_PROBLEM TO SOLVE_
Whenever the word "what" appears in a line of the data below, copy that line.

GIVEN RECORDS Start Marker

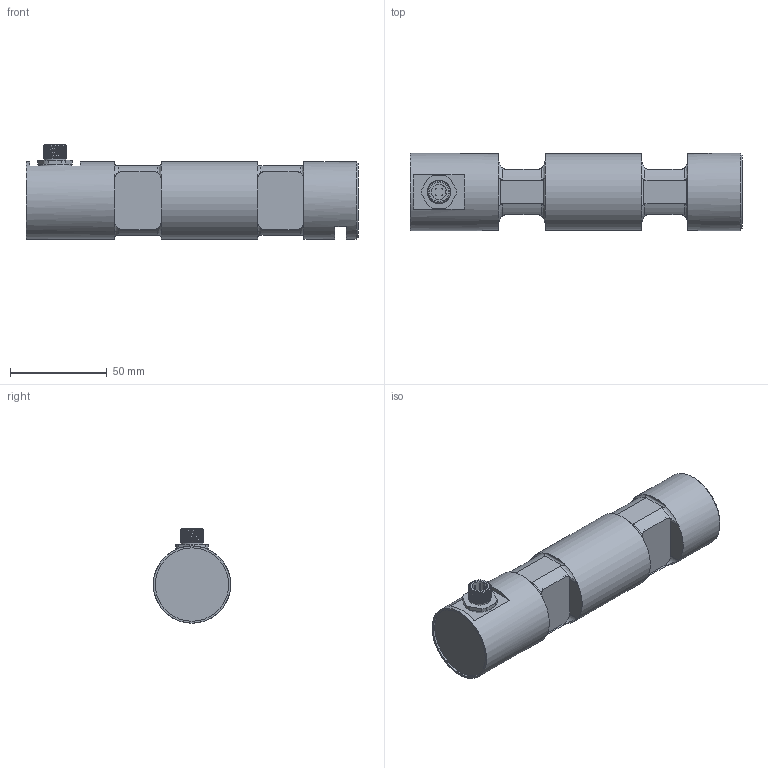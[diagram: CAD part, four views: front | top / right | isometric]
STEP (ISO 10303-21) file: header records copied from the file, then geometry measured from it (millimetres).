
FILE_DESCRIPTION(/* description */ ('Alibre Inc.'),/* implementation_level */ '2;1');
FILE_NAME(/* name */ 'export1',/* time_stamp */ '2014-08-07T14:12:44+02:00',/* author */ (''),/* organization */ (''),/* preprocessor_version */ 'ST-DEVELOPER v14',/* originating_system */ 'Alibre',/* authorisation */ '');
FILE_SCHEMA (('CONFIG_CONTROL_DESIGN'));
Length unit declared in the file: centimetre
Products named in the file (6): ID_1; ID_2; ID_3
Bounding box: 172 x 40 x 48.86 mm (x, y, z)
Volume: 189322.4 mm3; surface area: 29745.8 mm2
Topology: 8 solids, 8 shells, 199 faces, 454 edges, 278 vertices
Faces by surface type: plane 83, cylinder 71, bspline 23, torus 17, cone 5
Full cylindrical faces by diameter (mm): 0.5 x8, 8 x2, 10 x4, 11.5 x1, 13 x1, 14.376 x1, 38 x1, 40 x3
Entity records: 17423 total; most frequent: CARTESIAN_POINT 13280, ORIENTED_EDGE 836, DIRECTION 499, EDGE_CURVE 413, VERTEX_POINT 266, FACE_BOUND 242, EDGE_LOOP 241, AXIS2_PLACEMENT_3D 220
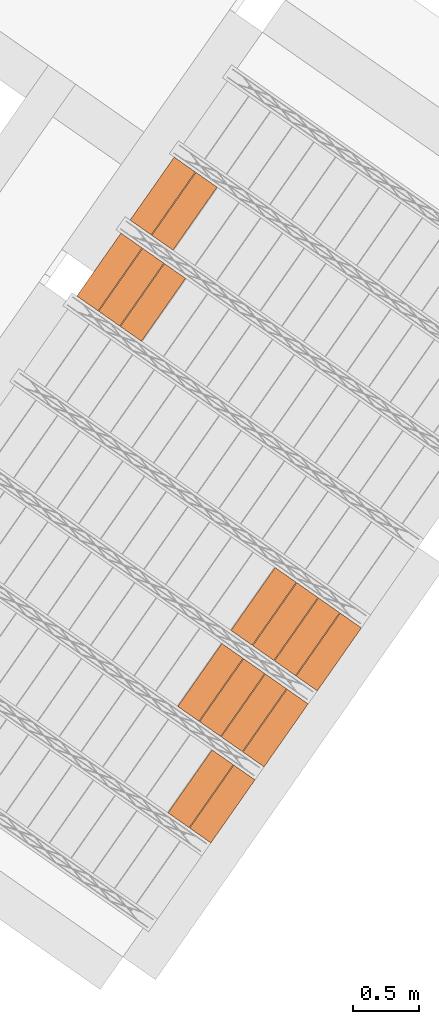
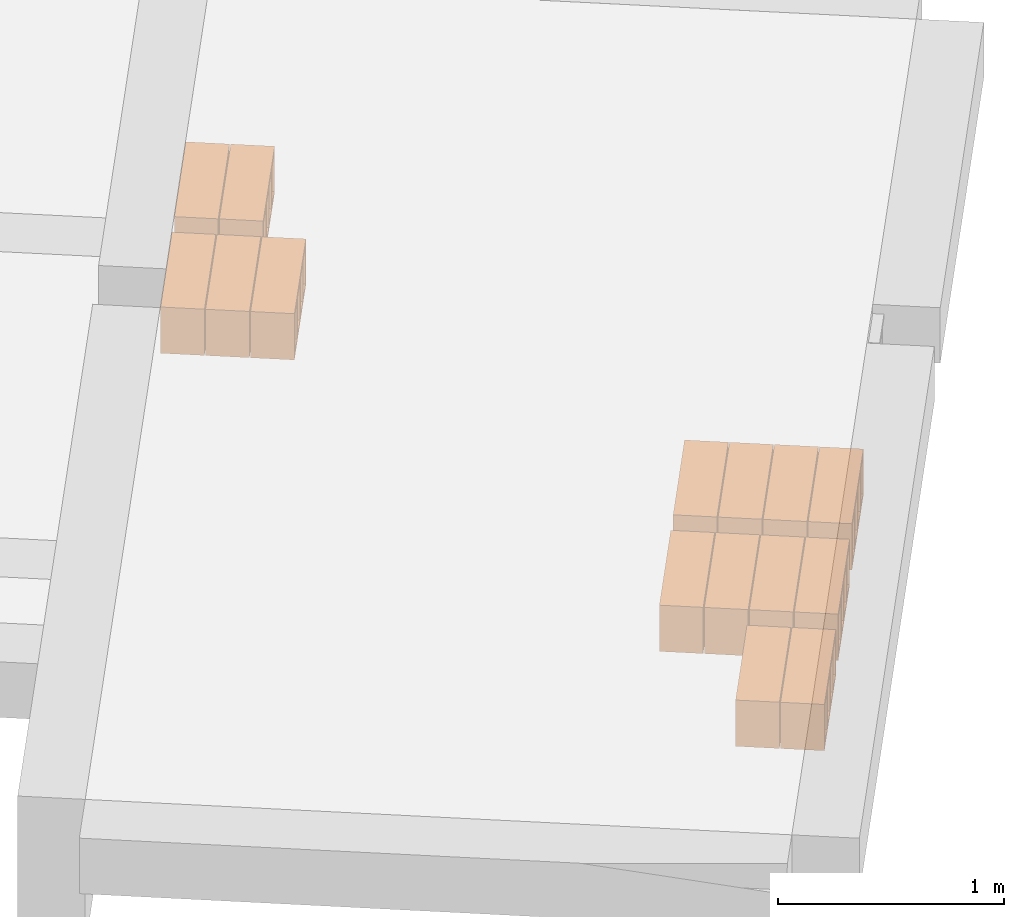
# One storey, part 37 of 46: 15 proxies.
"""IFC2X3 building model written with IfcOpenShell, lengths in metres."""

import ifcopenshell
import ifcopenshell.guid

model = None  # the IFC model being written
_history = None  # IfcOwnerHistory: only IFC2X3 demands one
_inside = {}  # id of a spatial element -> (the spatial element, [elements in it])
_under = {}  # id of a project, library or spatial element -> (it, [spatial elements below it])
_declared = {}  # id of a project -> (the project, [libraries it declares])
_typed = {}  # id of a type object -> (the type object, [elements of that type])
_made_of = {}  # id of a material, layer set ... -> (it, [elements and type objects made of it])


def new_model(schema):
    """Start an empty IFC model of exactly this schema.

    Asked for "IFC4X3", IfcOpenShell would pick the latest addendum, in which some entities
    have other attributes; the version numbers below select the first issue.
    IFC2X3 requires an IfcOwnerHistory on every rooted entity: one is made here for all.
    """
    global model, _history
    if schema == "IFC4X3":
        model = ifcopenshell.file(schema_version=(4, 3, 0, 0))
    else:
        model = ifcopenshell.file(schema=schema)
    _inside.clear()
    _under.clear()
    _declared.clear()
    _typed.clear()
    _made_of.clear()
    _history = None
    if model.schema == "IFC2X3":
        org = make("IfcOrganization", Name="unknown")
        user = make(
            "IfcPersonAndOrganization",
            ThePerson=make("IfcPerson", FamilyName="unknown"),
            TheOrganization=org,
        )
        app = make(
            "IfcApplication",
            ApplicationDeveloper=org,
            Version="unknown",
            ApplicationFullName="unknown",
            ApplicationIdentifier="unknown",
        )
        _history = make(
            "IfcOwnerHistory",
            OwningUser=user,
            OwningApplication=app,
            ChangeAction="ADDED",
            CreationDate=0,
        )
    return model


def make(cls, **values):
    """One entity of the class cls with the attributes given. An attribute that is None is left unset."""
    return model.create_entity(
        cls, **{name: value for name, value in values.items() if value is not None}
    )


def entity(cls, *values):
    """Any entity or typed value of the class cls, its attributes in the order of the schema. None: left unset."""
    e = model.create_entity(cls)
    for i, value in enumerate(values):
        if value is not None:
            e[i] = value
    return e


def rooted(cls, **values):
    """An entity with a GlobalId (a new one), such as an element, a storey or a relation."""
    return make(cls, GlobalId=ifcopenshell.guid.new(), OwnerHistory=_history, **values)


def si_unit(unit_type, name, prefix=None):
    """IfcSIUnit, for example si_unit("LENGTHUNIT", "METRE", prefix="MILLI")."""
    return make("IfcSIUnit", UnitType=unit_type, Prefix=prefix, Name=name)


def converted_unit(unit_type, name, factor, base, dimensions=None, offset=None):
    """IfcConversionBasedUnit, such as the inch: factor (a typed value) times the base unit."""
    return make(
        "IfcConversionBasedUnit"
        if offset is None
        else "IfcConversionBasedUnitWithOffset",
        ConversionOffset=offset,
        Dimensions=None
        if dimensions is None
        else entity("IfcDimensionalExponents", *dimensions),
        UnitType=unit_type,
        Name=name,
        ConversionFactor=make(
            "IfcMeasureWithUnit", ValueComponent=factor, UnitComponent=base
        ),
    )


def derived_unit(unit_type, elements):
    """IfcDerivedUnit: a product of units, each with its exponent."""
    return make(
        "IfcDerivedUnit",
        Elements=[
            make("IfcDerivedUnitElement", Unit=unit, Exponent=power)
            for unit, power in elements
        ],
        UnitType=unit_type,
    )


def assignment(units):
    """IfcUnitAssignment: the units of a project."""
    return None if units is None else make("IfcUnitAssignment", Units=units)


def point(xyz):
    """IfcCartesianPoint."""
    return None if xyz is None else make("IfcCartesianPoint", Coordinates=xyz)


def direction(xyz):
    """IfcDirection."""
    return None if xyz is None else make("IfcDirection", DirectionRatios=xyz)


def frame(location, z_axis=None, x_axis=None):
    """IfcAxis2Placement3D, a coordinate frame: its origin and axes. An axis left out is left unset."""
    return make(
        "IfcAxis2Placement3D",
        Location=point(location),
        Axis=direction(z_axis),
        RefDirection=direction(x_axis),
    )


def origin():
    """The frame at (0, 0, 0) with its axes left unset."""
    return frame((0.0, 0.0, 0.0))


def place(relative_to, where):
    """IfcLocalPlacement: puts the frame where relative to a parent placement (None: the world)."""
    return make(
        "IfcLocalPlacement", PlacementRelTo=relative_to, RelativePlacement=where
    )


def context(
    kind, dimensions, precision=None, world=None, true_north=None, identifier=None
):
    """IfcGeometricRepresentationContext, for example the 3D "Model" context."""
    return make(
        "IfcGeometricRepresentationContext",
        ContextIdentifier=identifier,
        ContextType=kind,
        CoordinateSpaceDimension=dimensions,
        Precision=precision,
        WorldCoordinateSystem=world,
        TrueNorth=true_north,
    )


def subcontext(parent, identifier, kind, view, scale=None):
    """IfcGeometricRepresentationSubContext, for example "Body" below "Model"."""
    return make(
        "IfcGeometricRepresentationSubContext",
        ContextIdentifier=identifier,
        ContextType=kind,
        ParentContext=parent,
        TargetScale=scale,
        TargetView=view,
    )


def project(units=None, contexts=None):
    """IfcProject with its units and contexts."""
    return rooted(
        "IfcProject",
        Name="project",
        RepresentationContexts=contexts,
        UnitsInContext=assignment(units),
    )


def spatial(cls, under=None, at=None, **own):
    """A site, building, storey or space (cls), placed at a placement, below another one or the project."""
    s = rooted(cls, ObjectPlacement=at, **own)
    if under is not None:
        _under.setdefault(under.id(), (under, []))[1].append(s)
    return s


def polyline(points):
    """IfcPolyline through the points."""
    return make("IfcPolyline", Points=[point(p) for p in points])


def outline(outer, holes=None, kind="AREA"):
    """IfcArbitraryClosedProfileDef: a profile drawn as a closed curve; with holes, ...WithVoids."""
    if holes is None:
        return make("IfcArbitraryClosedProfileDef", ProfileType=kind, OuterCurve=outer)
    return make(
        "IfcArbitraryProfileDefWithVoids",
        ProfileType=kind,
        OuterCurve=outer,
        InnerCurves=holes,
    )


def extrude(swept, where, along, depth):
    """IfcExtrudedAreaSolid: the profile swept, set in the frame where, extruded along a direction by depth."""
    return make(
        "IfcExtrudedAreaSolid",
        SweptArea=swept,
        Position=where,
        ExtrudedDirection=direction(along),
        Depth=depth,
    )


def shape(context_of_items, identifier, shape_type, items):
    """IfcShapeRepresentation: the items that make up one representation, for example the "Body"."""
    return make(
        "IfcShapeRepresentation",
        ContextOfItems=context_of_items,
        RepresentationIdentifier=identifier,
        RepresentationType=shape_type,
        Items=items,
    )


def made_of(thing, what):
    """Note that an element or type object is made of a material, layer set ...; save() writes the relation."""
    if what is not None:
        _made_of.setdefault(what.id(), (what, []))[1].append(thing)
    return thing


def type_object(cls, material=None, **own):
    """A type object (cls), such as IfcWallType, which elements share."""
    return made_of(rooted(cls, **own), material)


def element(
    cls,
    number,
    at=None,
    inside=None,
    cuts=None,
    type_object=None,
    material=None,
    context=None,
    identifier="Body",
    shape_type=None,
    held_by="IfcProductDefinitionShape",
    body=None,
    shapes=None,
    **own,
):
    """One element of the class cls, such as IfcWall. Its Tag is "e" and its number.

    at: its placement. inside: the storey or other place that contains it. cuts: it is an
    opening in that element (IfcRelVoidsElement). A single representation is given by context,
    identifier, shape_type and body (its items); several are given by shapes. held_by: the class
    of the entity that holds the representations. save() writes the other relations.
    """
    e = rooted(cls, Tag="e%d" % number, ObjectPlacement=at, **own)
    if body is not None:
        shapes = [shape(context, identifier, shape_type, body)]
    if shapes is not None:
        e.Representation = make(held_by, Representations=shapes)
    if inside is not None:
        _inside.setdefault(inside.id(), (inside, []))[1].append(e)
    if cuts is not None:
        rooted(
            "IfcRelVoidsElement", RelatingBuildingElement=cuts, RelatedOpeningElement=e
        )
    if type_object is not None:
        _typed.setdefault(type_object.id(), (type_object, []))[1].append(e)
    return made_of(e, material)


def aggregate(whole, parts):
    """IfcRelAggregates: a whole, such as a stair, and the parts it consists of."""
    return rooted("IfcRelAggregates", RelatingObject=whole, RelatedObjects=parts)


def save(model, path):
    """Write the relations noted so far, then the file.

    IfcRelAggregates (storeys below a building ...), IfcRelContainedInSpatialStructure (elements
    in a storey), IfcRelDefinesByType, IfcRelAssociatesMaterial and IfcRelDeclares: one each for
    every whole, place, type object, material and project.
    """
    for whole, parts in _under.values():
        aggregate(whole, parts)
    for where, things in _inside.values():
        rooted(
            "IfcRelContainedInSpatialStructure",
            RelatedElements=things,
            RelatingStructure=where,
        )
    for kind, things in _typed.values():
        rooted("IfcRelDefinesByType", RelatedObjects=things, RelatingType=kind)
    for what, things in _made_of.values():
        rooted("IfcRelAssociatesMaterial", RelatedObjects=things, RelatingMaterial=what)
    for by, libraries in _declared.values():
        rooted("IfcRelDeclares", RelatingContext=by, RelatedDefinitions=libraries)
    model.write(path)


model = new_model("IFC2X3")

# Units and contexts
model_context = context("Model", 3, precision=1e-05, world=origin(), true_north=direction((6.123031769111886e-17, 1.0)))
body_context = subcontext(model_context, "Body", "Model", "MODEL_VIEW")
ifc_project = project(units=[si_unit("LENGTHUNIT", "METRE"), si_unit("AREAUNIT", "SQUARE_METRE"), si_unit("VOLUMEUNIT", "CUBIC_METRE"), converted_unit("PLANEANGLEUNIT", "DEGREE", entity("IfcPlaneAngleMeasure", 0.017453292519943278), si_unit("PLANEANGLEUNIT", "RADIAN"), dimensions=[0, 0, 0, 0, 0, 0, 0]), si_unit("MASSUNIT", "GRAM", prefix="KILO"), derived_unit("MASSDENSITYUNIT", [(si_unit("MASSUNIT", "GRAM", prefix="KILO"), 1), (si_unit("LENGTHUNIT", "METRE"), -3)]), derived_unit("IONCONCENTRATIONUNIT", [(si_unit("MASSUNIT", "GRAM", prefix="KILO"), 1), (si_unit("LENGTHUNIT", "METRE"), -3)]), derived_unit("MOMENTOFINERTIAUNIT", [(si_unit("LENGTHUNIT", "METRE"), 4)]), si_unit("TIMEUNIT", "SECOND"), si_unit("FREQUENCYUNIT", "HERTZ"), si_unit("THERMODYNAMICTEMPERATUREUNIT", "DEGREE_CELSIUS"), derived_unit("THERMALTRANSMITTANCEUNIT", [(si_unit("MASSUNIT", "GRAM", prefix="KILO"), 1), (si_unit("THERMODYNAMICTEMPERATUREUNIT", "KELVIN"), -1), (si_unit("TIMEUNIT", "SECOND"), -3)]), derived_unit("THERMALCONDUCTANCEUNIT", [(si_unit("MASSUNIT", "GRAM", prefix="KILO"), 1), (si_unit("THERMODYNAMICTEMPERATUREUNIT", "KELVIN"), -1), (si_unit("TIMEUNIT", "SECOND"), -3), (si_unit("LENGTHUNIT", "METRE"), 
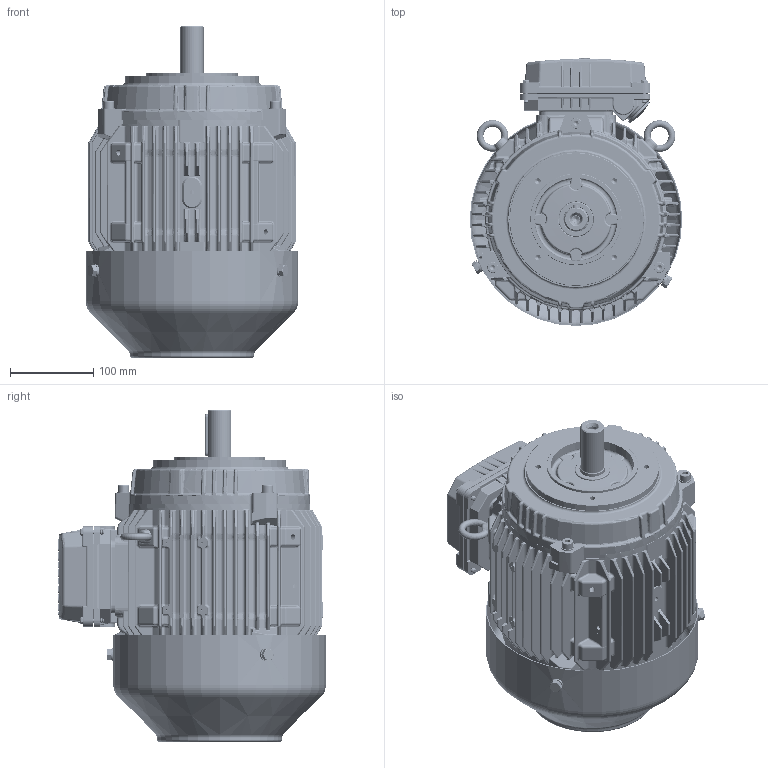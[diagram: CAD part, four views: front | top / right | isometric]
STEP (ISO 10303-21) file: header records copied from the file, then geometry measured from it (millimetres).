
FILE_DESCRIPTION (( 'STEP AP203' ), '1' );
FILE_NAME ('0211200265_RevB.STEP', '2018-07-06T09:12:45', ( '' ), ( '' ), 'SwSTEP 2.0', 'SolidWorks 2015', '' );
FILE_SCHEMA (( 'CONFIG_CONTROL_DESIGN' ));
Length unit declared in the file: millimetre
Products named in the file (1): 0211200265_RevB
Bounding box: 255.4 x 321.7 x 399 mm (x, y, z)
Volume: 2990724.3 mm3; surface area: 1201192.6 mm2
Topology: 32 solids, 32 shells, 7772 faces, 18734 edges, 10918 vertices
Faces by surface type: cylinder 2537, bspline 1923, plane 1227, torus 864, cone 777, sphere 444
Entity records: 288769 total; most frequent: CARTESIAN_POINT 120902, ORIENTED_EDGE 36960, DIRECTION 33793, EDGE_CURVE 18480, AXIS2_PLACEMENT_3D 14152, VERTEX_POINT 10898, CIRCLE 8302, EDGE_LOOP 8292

GIVEN RECORDS End Marker

_FINISHED EXERCISE_
def made_of(thing, what):
    if what is not None:
        _made_of.setdefault(what.id(), (what, []))[1].append(thing)
    for what, things in _made_of.values():
        rooted("IfcRelAssociatesMaterial", RelatedObjects=things, RelatingMaterial=what)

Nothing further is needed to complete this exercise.